Otro tanto puede decirse de dos escenas ya célebres del film. En una, el siempre mudo y hierático Suleiman infla un globo rojo que lleva impresa una imagen de Arafat y lo lanza al aire en las cercanías de un puesto decontrol israelí. Los soldados lo ven venir con sus binoculares y no saben si dispararle o no. El globo toma altura, atraviesa los cielos de Jerusalén y se posa triunfal sobre la cúpula de la mezquita más grande de la ciudad. En otra escena, conocida como “la secuencia de la ninja palestina”, un grupo de soldados israelíes practica tiro al blanco sobre unas siluetas que representan a una chica fedayín. La práctica es de por sí rara: está coreografiada como un musical, y los soldados pegan unas cabriolas espectaculares. Pero la escena termina de despegar hacia el puro delirio cuando la guerrillera se corporiza y manifiesta dotada de unos superpoderes que hacen palidecer a los de los combatientes de El tigre y el dragón. La ninja desvía las balas y las congela en medio de su recorrido; se eleva en el aire, lanza dardos con forma de medialuna árabe, es capaz de pintar la bandera palestina sobre el terreno y hace estallar un helicóptero israelí mediante un boomerang providencial.

Una vida violenta
¿Cine de propaganda? Identificar a Suleiman con ese género requeriría una gruesa maniobra de tergiversación. Habría que concebir el delirio como panfleto y, luego, olvidar que al lado de esas escenas de fantasía humorístico-política, Intervención divina despliega otras que son gags puros, inofensivos, como el de los médicos, enfermeras y pacientes que salen a fumar al pasillo del hospital y lo pueblan de una humareda irrespirable. Otras son apenas episódicas: por ejemplo, la que protagoniza un vecino que, decidido a sabotear la reparación de una calle, roba pedazos de empedrado y recibe con una lluvia de botellas a la policía.

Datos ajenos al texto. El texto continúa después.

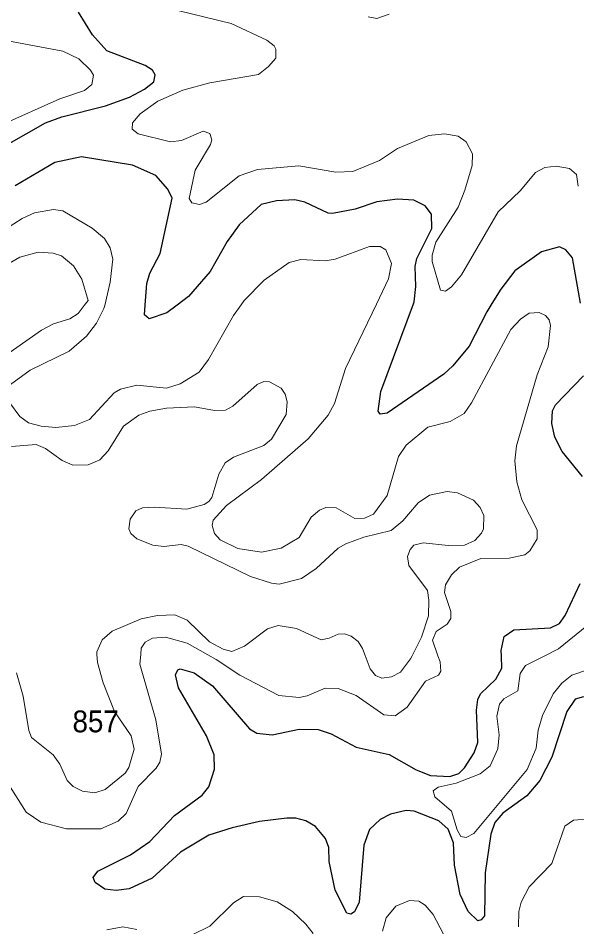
# Model space of a CAD drawing. Extents: x 473.9 to 500, y 7733.1 to 7760.8.
# Drawn here: x 494.35 to 496.397, y 7740.071 to 7743.401 of the extents above; entities that cross this region are included whole.
import ezdxf

# ---------------------------------------------------------------- set-up
doc = ezdxf.new("R2010")
doc.units = 0
doc.header["$LTSCALE"] = 0.032
doc.layers.add('1', color=7, linetype='Continuous', lineweight=25)
doc.layers.add('2', color=7, linetype='Continuous', lineweight=13)
doc.layers.add('21', color=7, linetype='Continuous')

msp = doc.modelspace()

# ---------------------------------------------------------------- linework, layer by layer
at = {"layer": '1'}
for points in [[(494.8153, 7743.2279), (494.6753, 7743.2812), (494.6224, 7743.3404), (494.5707, 7743.4231)], [(494.3083, 7742.9374), (494.4501, 7743.0182), (494.5105, 7743.0399), (494.6696, 7743.0802), (494.7577, 7743.1116), (494.8126, 7743.1415), (494.8471, 7743.1686), (494.8523, 7743.1934), (494.8424, 7743.2102), (494.8153, 7743.2279)], [(496.4101, 7742.3567), (496.3808, 7742.5231), (496.3573, 7742.5519), (496.333, 7742.5628), (496.2681, 7742.5447), (496.1703, 7742.4747), (496.119, 7742.4077), (496.086, 7742.3552), (496.0671, 7742.3252), (496.002, 7742.199), (495.9427, 7742.1268), (495.9093, 7742.0967), (495.7019, 7741.954), (495.6759, 7741.9504), (495.6694, 7741.9612), (495.6792, 7742.0328), (495.7983, 7742.3539), (495.801, 7742.3613), (495.8074, 7742.4179), (495.8043, 7742.4915), (495.8104, 7742.5209), (495.8654, 7742.6304), (495.864, 7742.6826), (495.8419, 7742.7134), (495.7998, 7742.7338), (495.7399, 7742.7383), (495.6637, 7742.7277), (495.5845, 7742.7015), (495.5023, 7742.6853), (495.4859, 7742.6868), (495.4002, 7742.7275), (495.3636, 7742.7359), (495.2963, 7742.7323), (495.2402, 7742.7182), (495.1604, 7742.6434), (495.1156, 7742.5829), (495.0533, 7742.4723), (494.9745, 7742.3815), (494.9331, 7742.3499), (494.8954, 7742.3212), (494.8307, 7742.2995), (494.8131, 7742.3141), (494.8158, 7742.3494), (494.8219, 7742.4294), (494.8331, 7742.4671), (494.871, 7742.5387), (494.9149, 7742.7414), (494.8989, 7742.7745), (494.855, 7742.8245), (494.7687, 7742.8621), (494.5826, 7742.8926), (494.4843, 7742.8718), (494.3388, 7742.7864)], [(496.4177, 7741.7208), (496.3434, 7741.8135), (496.3159, 7741.8655), (496.306, 7741.9152), (496.308, 7741.962), (496.3185, 7741.9843), (496.4214, 7742.0908)], [(495.9647, 7740.6321), (495.9851, 7740.6533), (496.0203, 7740.7088), (496.034, 7740.7462), (496.0293, 7740.8645), (496.0344, 7740.9044), (496.0444, 7740.9247), (496.1001, 7740.9789), (496.1224, 7741.0189), (496.1205, 7741.0628), (496.1196, 7741.0835), (496.1302, 7741.1345), (496.1657, 7741.1587), (496.3005, 7741.167), (496.3337, 7741.1823), (496.3542, 7741.2116), (496.4091, 7741.3295)], [(496.4217, 7740.9131), (496.3913, 7740.9056), (496.3604, 7740.8604), (496.3049, 7740.6931), (496.2609, 7740.6065), (496.2141, 7740.5505), (496.1253, 7740.4872), (496.0963, 7740.453), (496.0822, 7740.4105), (496.0616, 7740.2683), (496.0592, 7740.1108), (496.047, 7740.0965), (496.0339, 7740.0931), (495.9989, 7740.1272), (495.9693, 7740.1889), (495.9482, 7740.2965), (495.9449, 7740.3786), (495.9254, 7740.4288), (495.8919, 7740.4588), (495.801, 7740.4943), (495.7715, 7740.4966), (495.7139, 7740.4835), (495.6762, 7740.4646), (495.6379, 7740.4272), (495.6169, 7740.3699), (495.5993, 7740.1606), (495.5828, 7740.125), (495.5689, 7740.1169), (495.5547, 7740.1202), (495.5111, 7740.205), (495.4893, 7740.3097), (495.4881, 7740.3615), (495.4762, 7740.3946), (495.4395, 7740.4384), (495.4043, 7740.4586), (495.3669, 7740.4683), (495.3341, 7740.4694), (495.2339, 7740.457), (495.1337, 7740.434), (495.0484, 7740.4064), (494.945, 7740.3448), (494.841, 7740.2492), (494.7564, 7740.2096), (494.709, 7740.2033), (494.668, 7740.2091), (494.6325, 7740.2326), (494.625, 7740.2509), (494.6423, 7740.2742), (494.7612, 7740.3347), (494.832, 7740.3834), (494.9233, 7740.4784), (495.0243, 7740.5531), (495.0485, 7740.5835), (495.0691, 7740.6491), (495.0683, 7740.7009), (495.0396, 7740.7709), (494.9381, 7740.9468), (494.9265, 7740.9944), (494.9351, 7741.0125), (494.9434, 7741.0159), (494.9955, 7741.0016), (495.0616, 7740.9541), (495.1983, 7740.7958), (495.2249, 7740.7804), (495.281, 7740.774), (495.3798, 7740.795), (495.4496, 7740.7941), (495.4975, 7740.7778), (495.5885, 7740.7287), (495.7094, 7740.7025), (495.8081, 7740.6461), (495.8605, 7740.6255), (495.9319, 7740.6216), (495.9647, 7740.6321)]]:
    msp.add_lwpolyline(points, dxfattribs=at)
at = {"layer": '2'}
for points in [[(494.8899, 7743.4409), (495.1311, 7743.3821), (495.2612, 7743.3203), (495.2881, 7743.3001)], [(495.7091, 7743.4155), (495.6648, 7743.4001), (495.6322, 7743.4066)], [(494.2718, 7743.3253), (494.5144, 7743.28), (494.5729, 7743.2525), (494.6154, 7743.2108), (494.6257, 7743.1927), (494.6195, 7743.158), (494.5929, 7743.1361), (494.5034, 7743.1058), (494.2825, 7743.0082)], [(495.2881, 7743.3001), (495.2939, 7743.2874), (495.2939, 7743.2542), (495.2679, 7743.2239), (495.2307, 7743.1954), (495.0521, 7743.1643), (494.9532, 7743.1376), (494.862, 7743.0967), (494.7967, 7743.0508), (494.7693, 7743.0179), (494.7673, 7742.995), (494.7898, 7742.9779), (494.908, 7742.9476), (494.9481, 7742.953), (495.0276, 7742.9872), (495.0526, 7742.9789), (495.0597, 7742.9558), (495.0552, 7742.9387), (494.9987, 7742.8437), (494.9769, 7742.74), (494.9866, 7742.7242), (495.0143, 7742.7184), (495.0393, 7742.7275), (495.1595, 7742.8236), (495.227, 7742.8469), (495.378, 7742.8606), (495.5136, 7742.8374), (495.5758, 7742.8393), (495.674, 7742.8796), (495.74, 7742.9232), (495.8552, 7742.9712), (495.9124, 7742.978), (495.9621, 7742.9694), (495.9915, 7742.9475), (496.0148, 7742.9043), (496.013, 7742.8619), (495.9869, 7742.7711), (495.962, 7742.7092), (495.8808, 7742.58), (495.8668, 7742.5321), (495.8673, 7742.509), (495.8977, 7742.4046), (495.9161, 7742.4007), (495.9381, 7742.4164), (495.9745, 7742.4601), (496.109, 7742.6909), (496.1898, 7742.7685), (496.2456, 7742.8358), (496.2802, 7742.8541), (496.321, 7742.8589), (496.3703, 7742.8509), (496.3961, 7742.8284), (496.4025, 7742.7857)], [(494.2718, 7742.609), (494.3649, 7742.6668), (494.4096, 7742.6875), (494.4795, 7742.7005), (494.5134, 7742.6954), (494.6213, 7742.6321), (494.6662, 7742.5933), (494.6872, 7742.559), (494.6972, 7742.5184), (494.6874, 7742.4331), (494.6673, 7742.3487), (494.6646, 7742.3376), (494.6375, 7742.284), (494.601, 7742.2354), (494.5376, 7742.1807), (494.3935, 7742.1116), (494.3217, 7742.0583)], [(494.3564, 7741.9407), (494.3884, 7741.9183), (494.4343, 7741.9059), (494.4881, 7741.9008), (494.557, 7741.9088), (494.612, 7741.9303), (494.7022, 7742.0279), (494.7248, 7742.041), (494.7849, 7742.0566), (494.8937, 7742.0455), (494.9441, 7742.0611), (495.0131, 7742.1041), (495.0475, 7742.1501), (495.1386, 7742.3114), (495.1668, 7742.351), (495.178, 7742.3667), (495.2515, 7742.4412), (495.3428, 7742.506), (495.3862, 7742.5172), (495.4752, 7742.5116), (495.5114, 7742.5176), (495.6376, 7742.5648), (495.676, 7742.5649), (495.6977, 7742.5526), (495.7174, 7742.5024), (495.7075, 7742.4457), (495.6631, 7742.3533), (495.5497, 7742.1174), (495.5088, 7741.9893), (495.4855, 7741.9459), (495.4122, 7741.8591), (495.2418, 7741.7105), (495.114, 7741.6155), (495.0649, 7741.5611), (495.0615, 7741.5416), (495.0697, 7741.5121), (495.0906, 7741.4895), (495.1549, 7741.458), (495.2418, 7741.444), (495.3133, 7741.4581), (495.3801, 7741.4973), (495.424, 7741.5717), (495.4537, 7741.5979), (495.4768, 7741.608), (495.515, 7741.6067), (495.5834, 7741.5678), (495.6192, 7741.569), (495.6519, 7741.583), (495.7015, 7741.6511), (495.7435, 7741.7941), (495.7718, 7741.8363), (495.8517, 7741.9016), (495.9334, 7741.9227), (495.9847, 7741.9517), (496.0114, 7741.9909), (496.1549, 7742.26), (496.1902, 7742.2977), (496.2221, 7742.3197), (496.2592, 7742.3229), (496.2821, 7742.3121), (496.2953, 7742.2952), (496.3003, 7742.2748), (496.2916, 7742.1962), (496.2511, 7742.0938), (496.1758, 7741.8338), (496.1702, 7741.7787), (496.177, 7741.7023), (496.1952, 7741.6355), (496.2513, 7741.5263), (496.2512, 7741.493), (496.2251, 7741.4485), (496.2062, 7741.4346), (496.1495, 7741.4215), (496.0456, 7741.4205), (495.9673, 7741.3887), (495.9372, 7741.3609), (495.9163, 7741.3247), (495.912, 7741.2964), (495.9352, 7741.226), (495.9349, 7741.2003), (495.9223, 7741.1795), (495.8816, 7741.1528), (495.8687, 7741.1215), (495.8882, 7741.0639), (495.8958, 7741.0416), (495.8982, 7741.0074), (495.8896, 7740.9936), (495.8427, 7740.9705), (495.7757, 7740.8759), (495.7315, 7740.8443), (495.6901, 7740.8481), (495.5891, 7740.9183), (495.5223, 7740.9439), (495.4746, 7740.9453), (495.4093, 7740.917), (495.3795, 7740.911), (495.3053, 7740.9191), (495.1621, 7740.9931), (495.0752, 7741.0509), (495.0453, 7741.0678)], [(494.2125, 7742.4422), (494.3565, 7742.5249), (494.4235, 7742.5439), (494.4787, 7742.5406), (494.5083, 7742.5308), (494.5524, 7742.4939), (494.5837, 7742.4449), (494.6062, 7742.3671), (494.5922, 7742.3484), (494.5701, 7742.3188), (494.5393, 7742.2997), (494.4798, 7742.2813), (494.4359, 7742.2575), (494.2877, 7742.1539)], [(494.416, 7741.8391), (494.4508, 7741.8238), (494.5109, 7741.7796), (494.5505, 7741.7632), (494.6062, 7741.7636), (494.6498, 7741.7826), (494.6795, 7741.8156), (494.7362, 7741.9058), (494.7923, 7741.9462), (494.832, 7741.9614), (494.8936, 7741.9713), (494.9956, 7741.9762), (495.0692, 7741.963), (495.1102, 7741.9647), (495.1366, 7741.9796), (495.2255, 7742.0588), (495.2504, 7742.0697), (495.2709, 7742.0688), (495.3138, 7742.0453), (495.3283, 7742.0236), (495.3363, 7741.9946), (495.3322, 7741.9482), (495.2784, 7741.858), (495.2502, 7741.8349), (495.139, 7741.7923), (495.1086, 7741.771), (495.0855, 7741.7304), (495.0599, 7741.6447), (495.0492, 7741.6292), (495.0322, 7741.619), (494.9676, 7741.6017), (494.8491, 7741.6095), (494.8062, 7741.6061), (494.7809, 7741.5957), (494.7607, 7741.5646), (494.7551, 7741.529), (494.7624, 7741.5122), (494.7853, 7741.4927), (494.8438, 7741.4698), (494.8842, 7741.4648), (494.9478, 7741.4719), (494.9734, 7741.4659), (495.2018, 7741.3553), (495.2784, 7741.3298), (495.3064, 7741.3266), (495.3879, 7741.3471), (495.4422, 7741.384), (495.522, 7741.4584), (495.5505, 7741.4749), (495.6167, 7741.4986), (495.717, 7741.5237), (495.7596, 7741.5592), (495.8155, 7741.6248), (495.8568, 7741.6526), (495.9218, 7741.6659), (495.9602, 7741.661), (496.0181, 7741.6344), (496.0427, 7741.6076), (496.0557, 7741.5788), (496.0551, 7741.53), (496.048, 7741.5133), (496.0229, 7741.4873), (495.9854, 7741.47), (495.9254, 7741.4681), (495.8338, 7741.4776), (495.7996, 7741.4691), (495.786, 7741.454), (495.777, 7741.4286), (495.7815, 7741.3953), (495.8493, 7741.303), (495.8549, 7741.2678), (495.8533, 7741.21), (495.8282, 7741.1323), (495.7936, 7741.0644), (495.7877, 7741.0528), (495.7513, 7741.0042), (495.718, 7740.9866), (495.683, 7740.9817), (495.6588, 7740.9916), (495.6403, 7741.0169), (495.6214, 7741.0651), (495.6115, 7741.0904), (495.5953, 7741.1159), (495.5698, 7741.1362), (495.5454, 7741.1442), (495.5223, 7741.1431), (495.4897, 7741.1284), (495.4597, 7741.123), (495.3696, 7741.1642), (495.3031, 7741.1754), (495.264, 7741.1633), (495.1793, 7741.0991), (495.1335, 7741.0804), (495.101, 7741.088), (495.0516, 7741.1157), (494.9698, 7741.195), (494.9247, 7741.2147), (494.8603, 7741.2123), (494.8013, 7741.1995), (494.6943, 7741.1541)], [(494.3188, 7741.9922), (494.3564, 7741.9407)], [(494.3255, 7741.8307), (494.416, 7741.8391)], [(494.6943, 7741.1541), (494.6577, 7741.1223), (494.6378, 7741.0781), (494.6384, 7741.0697), (494.6404, 7741.04), (494.6615, 7740.965), (494.7037, 7740.8595), (494.764, 7740.7704), (494.7751, 7740.7216), (494.756, 7740.6541), (494.7418, 7740.6339), (494.6689, 7740.5741), (494.631, 7740.5612), (494.5854, 7740.5684), (494.5511, 7740.5854), (494.5301, 7740.6072), (494.5033, 7740.6664), (494.4785, 7740.7013), (494.3986, 7740.764), (494.389, 7740.7898), (494.3687, 7740.9157), (494.3441, 7741.0015)], [(496.4334, 7741.1741), (496.3293, 7741.0899), (496.2749, 7741.0621), (496.2091, 7741.0286), (496.1893, 7740.9987), (496.1808, 7740.9357), (496.1301, 7740.9059), (496.1133, 7740.8865), (496.1034, 7740.8429), (496.1129, 7740.7741), (496.1073, 7740.7228), (496.0795, 7740.6606), (496.0423, 7740.632), (495.9543, 7740.5977), (495.889, 7740.5826), (495.8707, 7740.5689), (495.8772, 7740.5465), (495.9376, 7740.4948), (495.9591, 7740.4257), (495.9725, 7740.4015), (495.9919, 7740.3979), (496.0202, 7740.4127), (496.2147, 7740.6467), (496.2478, 7740.7254), (496.2558, 7740.7916), (496.2714, 7740.8458), (496.3107, 7740.9248), (496.3417, 7740.9635), (496.3789, 7740.9931), (496.4324, 7741.0112)], [(495.0453, 7741.0678), (494.9689, 7741.111), (494.8904, 7741.132), (494.8421, 7741.1293), (494.815, 7741.1143), (494.8014, 7741.0919), (494.7993, 7741.0689), (494.7961, 7741.0336), (494.8545, 7740.8293), (494.8748, 7740.7034), (494.8691, 7740.6737), (494.8556, 7740.6517), (494.7893, 7740.5847), (494.7454, 7740.4863), (494.716, 7740.4579), (494.653, 7740.4301), (494.5275, 7740.4293), (494.4336, 7740.4546), (494.3795, 7740.4912), (494.312, 7740.5973)], [(496.1838, 7740.0702), (496.1844, 7740.1265), (496.1931, 7740.1604), (496.2224, 7740.2178), (496.3059, 7740.3028), (496.3535, 7740.439), (496.3854, 7740.4615), (496.4501, 7740.467)], [(494.9875, 7740.0416), (495.052, 7740.0731), (495.1394, 7740.159), (495.1758, 7740.1814), (495.2344, 7740.1802), (495.2989, 7740.1626), (495.3553, 7740.1265), (495.4043, 7740.0804), (495.4312, 7740.0458)], [(495.6854, 7740.0549), (495.6983, 7740.1036), (495.7338, 7740.1468), (495.7838, 7740.1677), (495.8176, 7740.1642), (495.8412, 7740.1494), (495.8709, 7740.1155), (495.9465, 7739.9717)], [(494.6744, 7740.0597), (494.7339, 7740.0706), (494.7853, 7740.0613)]]:
    msp.add_lwpolyline(points, dxfattribs=at)

# ---------------------------------------------------------------- texts
at = {"layer": '21', "width": 0.95}
msp.add_text('857', height=0.08, dxfattribs=at).set_placement((494.5493, 7740.7836))

doc.saveas('drawing.dxf')

También habría que pasar por alto las melancólicas escenas en la que E.S. y una chica se ven obligados a mantener tímidos encuentros amorosos en un descampado, a bordo de un auto o frente al puesto de control en el que los soldados israelíes someten a los pasajeros a toda clase de ridículas humillaciones. Y por fin habría que soslayar una evidencia flagrante: durante toda la primera parte de la película, Suleiman muestra la violencia cotidiana y el odio acuñado entre los propios palestinos de Nazareth, empezando por el personaje de su padre (que, mientras saluda con una sonrisa, putea por lo bajo a todo el mundo) y siguiendo por dos vecinos que viven tirando la basura en el patio del otro.
Significativamente, y contra la imagen cliché que habitualmente se tiene de los palestinos (gente sin techo ni hogar), los habitantes de Nazareth que muestra Suleiman son vecinos de clase media con empleo, que viven en barrios relativamente acomodados y andan en autos último modelo. Envueltos en irracionales espirales de violencia, esos vecinos para quienes el otro es inevitablemente un enemigo bien podrían estar alegorizando el modo en que palestinos e israelíes conviven desde hace más de medio siglo. O, tal vez, desde los siglos de los siglos. Pero esa interpretación queda a cargo del espectador. Como quería Truffaut, las imágenes de Suleiman no demuestran nada: sólo muestran.